Figure 1. (a) Two samples of matter are initially at different temperatures, higher (H) and lower (L). (b) When the two samples come into contact, collisions between molecules result in transfer of kinetic (thermal) energy from the hotter to the cooler matter. (c) The two samples reach “thermal equilibrium” when both are at the same temperature, and their molecules have the same average kinetic energy. The hotter sample has heated the cooler sample by transfer of energy.

The heat capacity (C) of an object is the heating required when the object’s temperature changes by 1 °C. (Because 1 K is the same size as 1 °C, ΔT has the same numeric value whether expressed in K or °C.) It typically has units of J/°C. Heat capacity depends on both the type and the quantity of substance, and therefore is an extensive property—its value is proportional to the quantity of the substance.

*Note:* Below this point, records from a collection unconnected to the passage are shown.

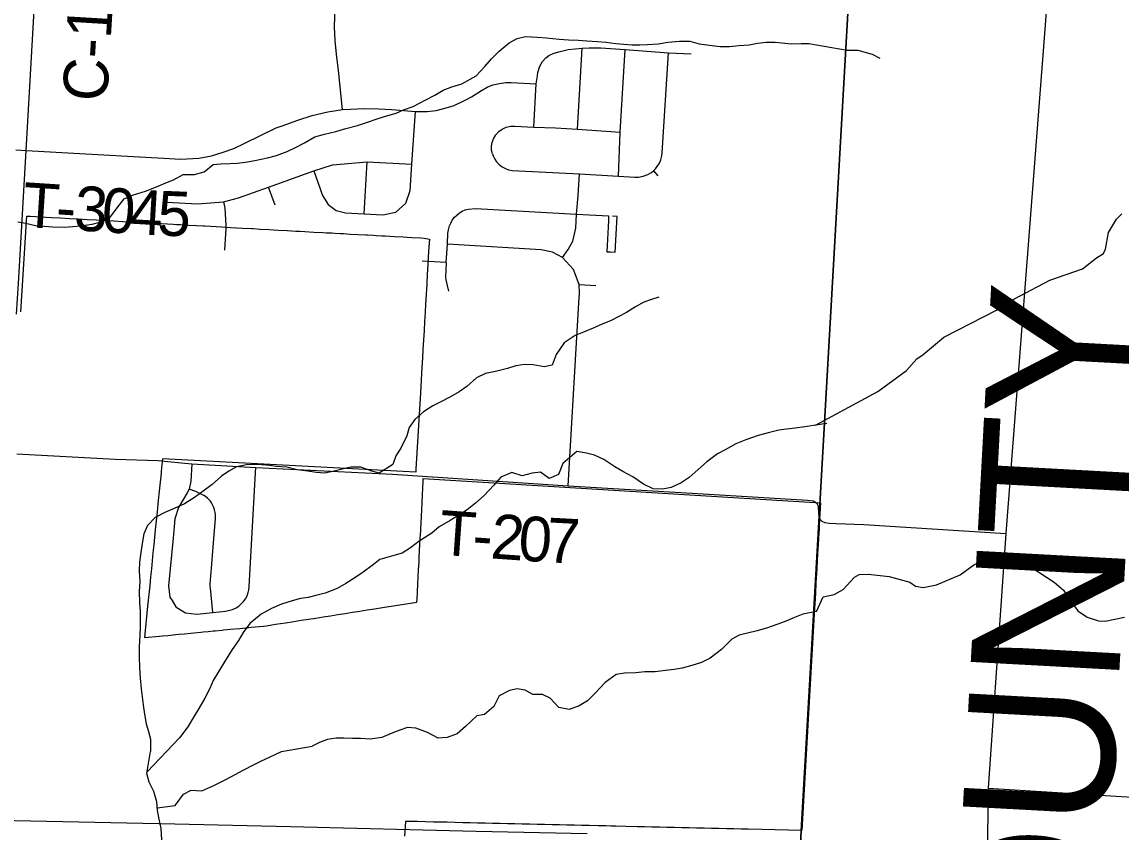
# Model space of a CAD drawing. Extents: x 114843 to 284848, y 317643 to 566895.
# Drawn here: x 264766 to 272149, y 400345 to 405785 of the extents above; entities that cross this region are included whole.
import ezdxf

# ---------------------------------------------------------------- set-up
doc = ezdxf.new("R2010")
doc.units = 0
for name, color, linetype in [('GM_X_City_Street', 7, 'Continuous'), ('GM_X_Corporation', 7, 'Continuous'), ('GM_X_County', 7, 'Continuous'), ('GM_X_County_Road', 7, 'Continuous'), ('GM_X_County_Road_Text', 7, 'Continuous'), ('GM_X_County_Text', 7, 'Continuous'), ('GM_X_Minor_River', 7, 'Continuous'), ('GM_X_Rail_Line', 7, 'Continuous'), ('GM_X_Township', 7, 'Continuous'), ('GM_X_Township_Road', 7, 'Continuous'), ('GM_X_Township_Road_Text', 7, 'Continuous')]:
    doc.layers.add(name, color=color, linetype=linetype)

msp = doc.modelspace()

# ---------------------------------------------------------------- linework, layer by layer
at = {"layer": 'GM_X_City_Street'}
for points in [[(270123.2, 402462.6), (270126.3, 402446.4), (270138.7, 402432.5), (270160.5, 402424.1), (270188.4, 402420.1), (270236.8, 402417.3), (270422.3, 402409.6), (271375.9, 402349.1)], [(271257.8, 400640), (272260.3, 400578.1), (274544, 400472.4), (275084, 400437.5), (275193.2, 400428.2), (275407.7, 400416.6), (275588.9, 400392.7)]]:
    msp.add_lwpolyline(points, dxfattribs=at)
at = {"layer": 'GM_X_Corporation'}
for points in [[(269778.6, 396348.9), (270000.8, 400353.9), (270127.2, 402555.2), (270414.3, 407582.9), (271110.5, 419515.8), (272597.5, 419424.7), (272788.1, 419410.2), (274733.7, 419288.7), (276970.2, 419148.8), (284577.8, 418655.9), (284847.9, 418638.5)], [(264759.2, 403839.1), (264797.9, 404481.6), (264811.3, 404481.3), (264821.3, 404480.7), (264965.1, 404472.8), (265024.4, 404469.5), (265084.3, 404466.1), (265144.3, 404462.8), (265204.2, 404459.5), (265264.2, 404456.2), (265287.8, 404454.8), (265324.1, 404452.8), (265384.1, 404449.5), (265444, 404446.2), (265504, 404442.8), (265563.9, 404439.5), (265603.5, 404437.3), (265623.9, 404436.2), (265683.8, 404432.9), (265703.4, 404431.8), (265743.8, 404429.5), (265783.3, 404427.3), (265803.7, 404426.2), (265831.2, 404424.7), (265885.1, 404421.7), (265939, 404418.7), (265982.8, 404416.3), (265993.6, 404415.7), (266107.7, 404409.3), (266167.6, 404406), (266247.4, 404401.6), (266307.4, 404398.3), (266318.5, 404397.6), (266367.3, 404394.9), (266427.2, 404391.6), (266455.7, 404390), (266487.1, 404388.3), (266547, 404385), (266606.9, 404381.6), (266633.7, 404380.1), (266666.8, 404378.3), (266727.5, 404374.9), (266786.6, 404371.7), (266812.9, 404370.2), (266846.6, 404368.3), (266866.8, 404367.2), (266906.5, 404365), (266926.7, 404363.9), (266970.5, 404361.4), (267025.5, 404358.4), (267076.5, 404355.6), (267086.2, 404355), (267124.4, 404352.9), (267146.1, 404351.7), (267184.3, 404349.6), (267206, 404348.4), (267269.4, 404344.9), (267325.9, 404341.7), (267353, 404340.2), (267385.8, 404338.4), (267445.7, 404335.1), (267468.2, 404333.8), (267502.8, 404327.4), (267499.7, 404275), (267495.9, 404207.1), (267492.9, 404157.2), (267488.9, 404089.3), (267488.2, 404077.3), (267486.1, 404041.4), (267484.8, 404017.4), (267483.4, 403993.4), (267481.3, 403957.5), (267477.3, 403889.3), (267474.3, 403836.6), (267470.6, 403772.8), (267467.1, 403712.9), (267463.3, 403648), (267459.8, 403588.1), (267456.4, 403528.2), (267452.9, 403468.3), (267442.8, 403294.6), (267413, 402782.2), (267411.9, 402762.3), (265709.8, 402851.3), (265708.2, 402836.8), (265705.3, 402807), (265704.2, 402797.1), (265700.2, 402757.2), (265697.8, 402733.2), (265693.8, 402693.8), (265687.9, 402634.5), (265681.6, 402572.6), (265674, 402496.6), (265667.8, 402434.9), (265661.7, 402375.2), (265656.7, 402324.6), (265651.5, 402273.7), (265646.1, 402220), (265640.7, 402166.3), (265635.3, 402112.5), (265629.9, 402058.8), (265624.1, 402001.8), (265610.1, 401862.8), (265588.8, 401650.7), (265689, 401660.5), (265710.7, 401662.6), (265745.8, 401666), (265800.5, 401671.3), (265821.7, 401673.4), (265857.7, 401676.9), (265900.7, 401681.1), (265919.8, 401683), (265968, 401687.7), (265983.6, 401689.2), (266015.8, 401692.3), (266050.2, 401695.7), (266063.5, 401697), (266111.3, 401701.6), (266120.9, 401702.6), (266144.3, 401704.9), (266163.6, 401706.7), (266229.7, 401713.2), (266249.7, 401715.1), (266306.6, 401720.7), (266389, 401728.7), (266407.8, 401730.5), (266470.1, 401740.3), (266536.7, 401750.8), (266591.8, 401759.4), (266641.2, 401767.1), (266690.6, 401774.9), (266740, 401782.6), (266789.4, 401790.4), (266838.8, 401798.1), (266888.2, 401805.9), (266937.6, 401813.6), (266987, 401821.4), (267036.4, 401829.1), (267085.8, 401836.9), (267135.2, 401844.6), (267201.7, 401855), (267304.1, 401871.1), (267419.5, 401889.2), (267420.5, 401909), (267423.1, 401959), (267425.7, 402008.9), (267428.3, 402058.9), (267430.8, 402108.8), (267433.4, 402158.7), (267435, 402189), (267442, 402324.6), (267442.5, 402334.7), (267451.5, 402509.4), (267454.1, 402559.3), (267456.6, 402609.3), (267461.3, 402699.2), (267462, 402719), (270130.9, 402556.3), (270122.3, 402405), (270120.5, 402373.7), (270119.4, 402354.1), (270115, 402276.7), (270111.4, 402214.9), (270108.5, 402165), (270105.7, 402115), (270100.1, 402019), (270096.1, 401949), (270088.2, 401811.7), (270004.5, 400355.4), (269647.9, 400363.6), (269597.9, 400364.8), (269547.9, 400365.9), (269497.9, 400367.1), (269447.9, 400368.3), (269398, 400369.4), (269348, 400370.6), (269298, 400371.7), (269248, 400372.9), (269198, 400374), (269148, 400375.2), (269098, 400376.3), (269048, 400377.5), (268998, 400378.7), (268948.1, 400379.8), (268898.1, 400381), (268822.1, 400382.7), (268756.4, 400384.2), (268722.2, 400385), (268688, 400385.8), (268654.1, 400386.6), (268637.9, 400387), (268577, 400388.4), (268527, 400389.5), (268477, 400390.7), (268427, 400391.9), (268377, 400393), (268327, 400394.2), (268277.1, 400395.3), (268227.1, 400396.5), (268177.1, 400397.6), (268127.1, 400398.8), (268077.1, 400399.9), (268027.1, 400401.1), (267977.1, 400402.3), (267927.1, 400403.4), (267877.1, 400404.6), (267827.1, 400405.7), (267777.2, 400406.9), (267727.2, 400408), (267677.2, 400409.2), (267622.2, 400410.5), (267531.5, 400412.5), (267422.6, 400415.1), (267343.6, 400416.9), (267336.8, 400317.1)]]:
    msp.add_lwpolyline(points, dxfattribs=at)
at = {"layer": 'GM_X_County'}
for points in [[(271446.2, 426073.3), (271110.5, 419515.8), (271111.4, 419492.3), (271010.9, 417780.3), (270951, 416803.1), (270818.5, 414394.2), (270697.3, 412487.8), (270599.8, 410958.3), (270413.7, 407574.7), (270122, 402465.5), (270000.8, 400353.9), (269775.6, 396298.7)], [(269775.6, 396298.7), (270000.8, 400353.9), (270122, 402465.5), (270413.7, 407574.7), (270599.8, 410958.3), (270697.3, 412487.8), (270818.5, 414394.2), (270951, 416803.1), (271010.9, 417780.3), (271111.4, 419492.3), (271110.5, 419515.8), (271446.2, 426073.3)]]:
    msp.add_lwpolyline(points, dxfattribs=at)
at = {"layer": 'GM_X_County_Road'}
msp.add_lwpolyline([(264730, 403822.6), (264742.1, 404030), (264795.2, 404923.4), (264881.3, 406453.3), (264924.7, 407148.3), (264968.2, 407910.6)], dxfattribs=at)
at = {"layer": 'GM_X_Minor_River'}
for points in [[(266212.4, 404838), (266268.5, 404844.1), (266330.6, 404854.2), (266414.7, 404872.4), (266476.8, 404888.5), (266547, 404916.6), (266607, 404944.8), (266663.1, 404972.9), (266733.2, 405013.1), (266797.3, 405031.2), (266873.5, 405049.3), (266941.6, 405069.4), (267019.7, 405089.6), (267093.8, 405115.7), (267145.9, 405133.8), (267208, 405151.9), (267280.2, 405174.1), (267330.2, 405196.2), (267394.3, 405218.3), (267478.5, 405262.5), (267540.6, 405294.7), (267594.6, 405326.8), (267654.7, 405348.9), (267720.8, 405371), (267817, 405423.3), (267875, 405485.5), (267921.1, 405537.6), (267971.1, 405589.8), (268039.2, 405646), (268093.3, 405674.1), (268149.4, 405688.2), (268229.5, 405684.3), (268289.6, 405678.4), (268373.8, 405670.5), (268438, 405666.5), (268502.1, 405662.6), (268560.2, 405658.7), (268632.4, 405654.8), (268688.5, 405648.8), (268756.6, 405640.9), (268808.7, 405637), (268864.8, 405633), (268916.9, 405631.1), (268967, 405633.2), (269039.2, 405639.3), (269105.3, 405649.4), (269183.4, 405657.5), (269253.6, 405655.6), (269315.7, 405639.7), (269401.9, 405627.8), (269456, 405621.8), (269518.1, 405621.9), (269582.3, 405628), (269650.4, 405632.1), (269706.5, 405644.2), (269764.6, 405650.3), (269826.7, 405650.4), (269935, 405638.5), (270001.1, 405640.6), (270051.2, 405640.6), (270310.1, 405596.2)], [(270310.1, 405596.2), (270381, 405596.5), (270477.2, 405568.6), (270529.4, 405542.7)], [(264737.8, 404443.4), (264789.9, 404433.4), (264856.1, 404419.5), (264916.2, 404413.6), (264974.3, 404409.6), (265048.5, 404407.7), (265108.6, 404411.8), (265158.7, 404415.9), (265236.8, 404428), (265288.9, 404440.1), (265353, 404468.2), (265405.1, 404536.4), (265453.1, 404598.6), (265509.2, 404622.7), (265595.3, 404648.9), (265681.5, 404683.1), (265733.5, 404705.2), (265783.6, 404725.3), (265849.7, 404761.4), (265925.9, 404761.5), (265990, 404779.6), (266050.1, 404827.8), (266100.1, 404833.9), (266162.3, 404834), (266212.4, 404838)], [(270095.9, 403077.9), (270515.5, 403304), (270707.6, 403444.7), (270777.6, 403523.1), (270819.6, 403553.2), (270959.6, 403669.8), (271311.9, 403851), (271424, 403921.4), (271672.2, 404052.2), (271890.5, 404126.9), (271984.5, 404201.3), (272032.5, 404231.4), (272044.5, 404259.5), (272064.3, 404371.8), (272118.2, 404460.1), (272154.2, 404496.3)], [(269044.9, 403938.1), (268994.8, 403922), (268942.7, 403903.9), (268888.7, 403871.8), (268826.6, 403833.6), (268776.5, 403807.5), (268724.4, 403781.4), (268664.3, 403755.3), (268602.2, 403729.2), (268538.1, 403703), (268482, 403680.9), (268407.9, 403630.7), (268353.9, 403552.5), (268327.9, 403480.3), (268273.8, 403470.2), (268199.7, 403482.2), (268141.6, 403484.1), (268083.5, 403476), (268027.4, 403457.9), (267947.2, 403437.7), (267881.1, 403423.6), (267819, 403395.5), (267754.9, 403337.3), (267702.9, 403301.2), (267644.8, 403267), (267580.7, 403234.9), (267526.6, 403206.7), (267464.5, 403166.6), (267404.5, 403116.4), (267366.4, 403062.3), (267352.5, 403006.1), (267310.5, 402923.9), (267278.5, 402871.8), (267258.5, 402813.7), (267166.4, 402755.4), (267116.2, 402769.4), (267042.1, 402795.3), (266975.9, 402795.3), (266917.8, 402783.1), (266863.7, 402769.1), (266801.6, 402754.9), (266743.5, 402760.9), (266685.4, 402768.8), (266615.2, 402778.7), (266545.1, 402794.7), (266476.9, 402800.6), (266408.8, 402808.5), (266342.7, 402812.4), (266274.5, 402812.3), (266206.4, 402798.2), (266156.3, 402768.1), (266106.3, 402736), (266044.2, 402679.8), (265974.1, 402627.6), (265924.1, 402591.5), (265858, 402549.3), (265787.9, 402517.2), (265725.8, 402491), (265659.7, 402456.9), (265609.6, 402404.7), (265585.6, 402348.6), (265573.7, 402282.4), (265563.7, 402222.3), (265555.8, 402158.2), (265553.8, 402100.1), (265557.9, 402027.9), (265554, 401959.8), (265556, 401885.7), (265560.1, 401827.6), (265560.2, 401719.4), (265558.3, 401667.3), (265552.3, 401589.1), (265552.4, 401525), (265554.5, 401448.9), (265560.6, 401378.7), (265566.6, 401306.6), (265574.7, 401234.5), (265582.8, 401182.4), (265590.9, 401122.3), (265600.9, 401072.2), (265617, 401020.1), (265629.1, 400968.1), (265629.2, 400885.9)], [(270172.3, 403089.1), (270095.9, 403077.9), (270041.8, 403067.8), (269959.6, 403057.7), (269901.5, 403051.6), (269851.4, 403043.5), (269787.3, 403029.4), (269711.2, 403007.3), (269629, 402979.1), (269560.9, 402953), (269490.8, 402912.8), (269438.7, 402884.7), (269366.7, 402830.5), (269308.6, 402780.3), (269248.5, 402726.1), (269194.5, 402690), (269128.4, 402659.9), (269072.3, 402647.8), (269006.1, 402649.7), (268942, 402681.6), (268869.8, 402731.6), (268801.6, 402767.6), (268749.5, 402797.6), (268675.3, 402847.6), (268613.1, 402875.6), (268559, 402889.5), (268492.9, 402901.5), (268398.7, 402819.2), (268370.8, 402747), (268306.7, 402718.9), (268250.5, 402762.9), (268192.4, 402754.8), (268126.3, 402736.7), (268056.1, 402760.6), (267984, 402728.5), (267936, 402674.3), (267871.9, 402606.1), (267813.9, 402553.9), (267755.8, 402509.8), (267701.7, 402473.6), (267643.6, 402437.5), (267569.5, 402395.3), (267519.5, 402353.1), (267433.4, 402298.9), (267375.3, 402254.8), (267319.2, 402218.6), (267249.1, 402198.5), (267171, 402176.4), (267118.9, 402134.2), (267058.8, 402090), (267002.7, 402051.9), (266940.7, 402013.7), (266884.6, 401981.6), (266802.5, 401949.4), (266740.3, 401933.3), (266688.2, 401921.2), (266636.2, 401913.2), (266580.1, 401897.1), (266509.9, 401874.9), (266441.8, 401846.8), (266373.7, 401808.6), (266297.7, 401746.4), (266251.6, 401686.2), (266219.6, 401632.1), (266177.6, 401571.9), (266127.6, 401487.7), (266051.5, 401363.4), (266027.6, 401309.2), (265993.5, 401243.1), (265953.5, 401174.9), (265923.5, 401122.7), (265879.5, 401050.6), (265823.5, 400978.3), (265606.6, 400748.6)], [(270102.8, 401825.6), (270147.4, 401924.3), (270221.6, 401940.5), (270283.6, 401974.7), (270359.6, 402057), (270389.6, 402075.2), (270451.7, 402077.3), (270592, 402061.6), (270730.3, 402023.8), (270768.4, 401995.9), (270820.5, 401988), (270910.7, 402006.2), (271068.8, 402072.7), (271160.9, 402139.1), (271250.9, 402181.4), (271397.2, 402159.7), (271539.6, 402127.9), (271700, 402024.1), (271762.3, 401970.1), (271782.3, 401940.1), (271804.4, 401906.1), (271858.7, 401830), (271922.9, 401788.1), (271999.1, 401764.2), (272043.1, 401760.3), (272173.3, 401788.7)], [(270102.8, 401825.6), (270011, 401807.4), (269954.9, 401785.3), (269892.8, 401759.2), (269836.7, 401739.1), (269774.6, 401717), (269704.5, 401696.8), (269584.3, 401666.6), (269534.2, 401640.5), (269466.1, 401570.3), (269390, 401512.1), (269331.9, 401483.9), (269265.8, 401463.8), (269201.7, 401445.7), (269147.6, 401437.6), (269089.5, 401429.5), (269019.4, 401421.4), (268951.2, 401421.3), (268889.1, 401415.2), (268813, 401413.1), (268756.9, 401403), (268684.8, 401348.8), (268614.7, 401274.6), (268564.7, 401226.4), (268508.6, 401192.3), (268442.5, 401168.2), (268372.3, 401182.1), (268314.2, 401244.1), (268262, 401268.1), (268197.9, 401268), (268145.8, 401298), (268093.7, 401306), (268041.6, 401295.9), (267971.5, 401259.7), (267935.5, 401187.5), (267873.4, 401135.3), (267821.3, 401125.3), (267745.2, 401055), (267689.2, 401004.9), (267623, 400980.7), (267562.9, 400976.6), (267490.8, 401012.6), (267412.6, 401042.6), (267356.4, 401046.5), (267304.4, 401030.4), (267246.3, 401006.3), (267184.2, 400980.1), (267106, 400968), (267039.9, 400973.9), (266985.8, 400973.9), (266927.7, 400975.8), (266877.6, 400975.7), (266819.5, 400965.6), (266765.4, 400947.5), (266715.3, 400921.4)], [(265675.2, 400508.3), (265794.8, 400524.3), (265850.7, 400600.5), (265902.5, 400626.6), (265974.4, 400622.7), (266054.3, 400656.9), (266136.1, 400699), (266197.9, 400731.2), (266255.8, 400763.3), (266321.7, 400797.4), (266375.6, 400823.5), (266429.4, 400847.6), (266509.3, 400885.8), (266715.3, 400921.4)], [(265705.2, 400291.8), (265701.2, 400369.9), (265687.1, 400432), (265677.1, 400490.1), (265671, 400548.2), (265651, 400616.3), (265621, 400680.4), (265604.9, 400738.5), (265629.2, 400885.9)]]:
    msp.add_lwpolyline(points, dxfattribs=at)
at = {"layer": 'GM_X_Rail_Line'}
msp.add_lwpolyline([(261257.2, 400307.7), (261454.3, 400351.3), (261613.4, 400379.9), (261773.8, 400403.2), (261964.4, 400426), (262272.7, 400450.9), (262300.1, 400452.5), (262464, 400456.3), (262692.2, 400458), (262795.9, 400459.4), (263105.8, 400457), (265793.6, 400399.5), (266570.7, 400381.7), (267817.6, 400352), (268563.2, 400334.6)], dxfattribs=at)
at = {"layer": 'GM_X_Township'}
for points in [[(269775.6, 396298.7), (270000.8, 400353.9), (270122, 402465.5), (270413.7, 407574.7), (270599.8, 410958.3), (270697.3, 412487.8), (270818.5, 414394.2), (270951, 416803.1), (271010.9, 417780.3), (271111.4, 419492.3), (274445.5, 419298.6), (276991, 419147.4), (280693.7, 418905.1), (284577.8, 418655.9), (284847.9, 418638.5)], [(270599.8, 410958.3), (270413.7, 407574.7), (270122, 402465.5), (270000.8, 400353.9), (269775.6, 396298.7)]]:
    msp.add_lwpolyline(points, dxfattribs=at)
at = {"layer": 'GM_X_Township_Road'}
for p, q in [((268498.8, 405066.7), (268529.1, 405610.2)), ((267065.4, 404497), (267084.8, 404846.8)), ((269008.9, 404786.5), (269038.5, 404752.8)), ((266466.4, 404554.6), (266422.5, 404677)), ((267616.6, 404170.9), (267454.5, 404179.9)), ((268508.2, 404023.5), (268620.3, 404016.7)), ((271375.9, 402349.1), (271257.8, 400640))]:
    msp.add_line(p, q, dxfattribs=at)
for points in [[(271745.9, 407353.4), (271754.6, 407327.9), (271757.1, 407315.8), (271757.6, 407301.6), (271375.9, 402349.1)], [(266918.5, 405197.1), (266891.7, 405460), (266879.9, 405569.2), (266869.6, 405662.1), (266865.3, 405752.1), (266878.7, 406140.5), (266869.6, 406290.9), (266851.6, 406548.8), (266852.4, 406592.5), (266850.7, 406710.1), (266856.2, 406810.9)], [(267927.5, 404900.9), (267932.5, 404886.7), (267942.8, 404863.1), (267954.9, 404846.3), (267970.9, 404829.2), (267991.1, 404813.2), (268013.8, 404801.1), (268035.5, 404793.2), (268060, 404788.3), (268510.6, 404765), (268773.3, 404750), (268883.1, 404743.1), (268907.1, 404743.3), (268940.2, 404749.1), (268970, 404760.5), (268994.4, 404775), (269008.9, 404786.5), (269022.3, 404799.8), (269033.9, 404814), (269048.2, 404837.3), (269057.9, 404860.2), (269064.5, 404885.7), (269066.9, 404906.9), (269109.3, 405579.1)], [(268228.3, 405422.9), (268231.9, 405446.8), (268245.7, 405489.6), (268262.8, 405520.1), (268284.8, 405544.6), (268305.5, 405559.5), (268334.1, 405573.6), (268371.7, 405585.6), (268435.4, 405600.4), (268529.1, 405610.2), (268576.8, 405612.3), (268655.9, 405612.8), (268817.3, 405600.8), (269109.3, 405579.1), (269261.6, 405571.7)], [(268773.3, 404750), (268784.3, 405046), (268817.3, 405600.8)], [(268205.2, 405080), (268220.4, 405369.8), (268228.3, 405422.9)], [(267548.1, 405191.8), (267591, 405202), (267661.7, 405223.3), (267717.1, 405247.3), (267752.4, 405264.3), (267784.9, 405283.3), (267852, 405325.4), (267891.4, 405347.2), (267930.2, 405362.8), (267973.9, 405372.8), (268015.5, 405378), (268053, 405378.3), (268220.4, 405369.8)], [(264795.2, 404923.4), (265595.7, 404877.2), (265719.8, 404870.4), (265832.5, 404864.1), (265955.1, 404870.6), (266039.3, 404887), (266118.4, 404911.1), (266189.4, 404936.5), (266262.4, 404970.6), (266473.5, 405074), (266512.9, 405088.1), (266619.1, 405126.2), (266716.4, 405158.1), (266821.3, 405181.5), (266918.5, 405197.1), (266972.5, 405199.3), (267066, 405204.7), (267160.4, 405202.8), (267249.8, 405198.4), (267410.3, 405184.5), (267487.1, 405185), (267548.1, 405191.8)], [(266725.7, 404785.8), (266785.4, 404619.5), (266822.6, 404558.8), (266876.4, 404520.4), (266940.5, 404503.9), (267065.4, 404497), (267189.8, 404490), (267278.2, 404508.7), (267345.7, 404568.9), (267374.2, 404654.7), (267384.3, 404830.2), (267410.3, 405184.5)], [(267927.5, 404900.9), (267920.2, 404923.8), (267920, 404950.9), (267925.4, 404975.9), (267932.8, 405001.7), (267948.6, 405026.8), (267970, 405049.9), (267991.4, 405066), (268019.1, 405079.4), (268049.6, 405085.9), (268076, 405086), (268205.2, 405080), (268350.4, 405074.6)], [(268350.4, 405074.6), (268498.8, 405066.7), (268784.3, 405046)], [(264725.3, 404927.8), (264795.2, 404923.4)], [(265740.1, 404575.5), (265944.8, 404564.2), (266120.9, 404576.7), (266220.1, 404604.3), (266422.5, 404677), (266725.7, 404785.8), (266853.1, 404826.3), (267084.8, 404846.8), (267384.3, 404830.2)], [(268397.5, 404203), (268436, 404256.4), (268467.5, 404313.2), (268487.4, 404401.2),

The specific heat capacity (c) of a substance is the heating required to raise the temperature of 1 g of a substance by 1 °C. It typically has units of J/g·°C. Specific heat capacity depends only on the type of substance and therefore is an intensive property. The molar heat capacity, also an intensive property, is the heat capacity per mole of a particular substance and typically has units of J/mol·°C.

Specific heat capacities of some common substances are listed in Table 1.

Substance Symbol (state) Specific Heat Capacity (J/g·°C)
helium He(g) 5.193
water H2O(l) 4.184
ethanol C2H6O(l) 2.376
ice H2O(s) 2.093 (at −10 °C)
water vapor H2O(g) 1.864
nitrogen N2(g) 1.040
oxygen O2(g) 0.918
aluminum Al(s) 0.897
carbon dioxide CO2(g) 0.853
argon Ar(g) 0.522
iron Fe(s) 0.449
copper Cu(s) 0.385
lead Pb(s) 0.130
gold Au(s) 0.129
silicon Si(s) 0.712
Table 1. Specific Heat Capacities of Common Substances at 25 °C and 1 bar

If we know the mass, m, of a sample and its specific heat capacity, c, we can calculate the heat transferred to or from the sample by measuring the temperature change during heating or cooling:

q = m·c·ΔT = m·c·(Tfinal – Tinitial)

The sign of ΔT tells us whether the substance is being heated (positive value for q) or cooled (negative q ).

Exercise 1: Heat Transfer of Energy

Exercise 2: Specific Heat Capacity and Temperature Change

Exercise 3: Heating a Hot Tub

D27.2 Calorimetry

Calorimetry is an experimental technique used to quantitatively measure heat transfer of energy. Energy is exchanged with a calorimeter, a device with known heat capacity that therefore can relate ΔT to q. A calorimeter must be insulated thermally so that energy does not transfer beyond its physical boundaries. In calorimetry it is useful to define a system, the substance(s) undergoing the chemical or physical change, and the surroundings, everything else that can exchange energy with the system.

For example, if we place a piece of hot metal (M) into cool water (W), heat transfer of energy occurs from metal to water until the two substances reach the same temperature (Figure 2).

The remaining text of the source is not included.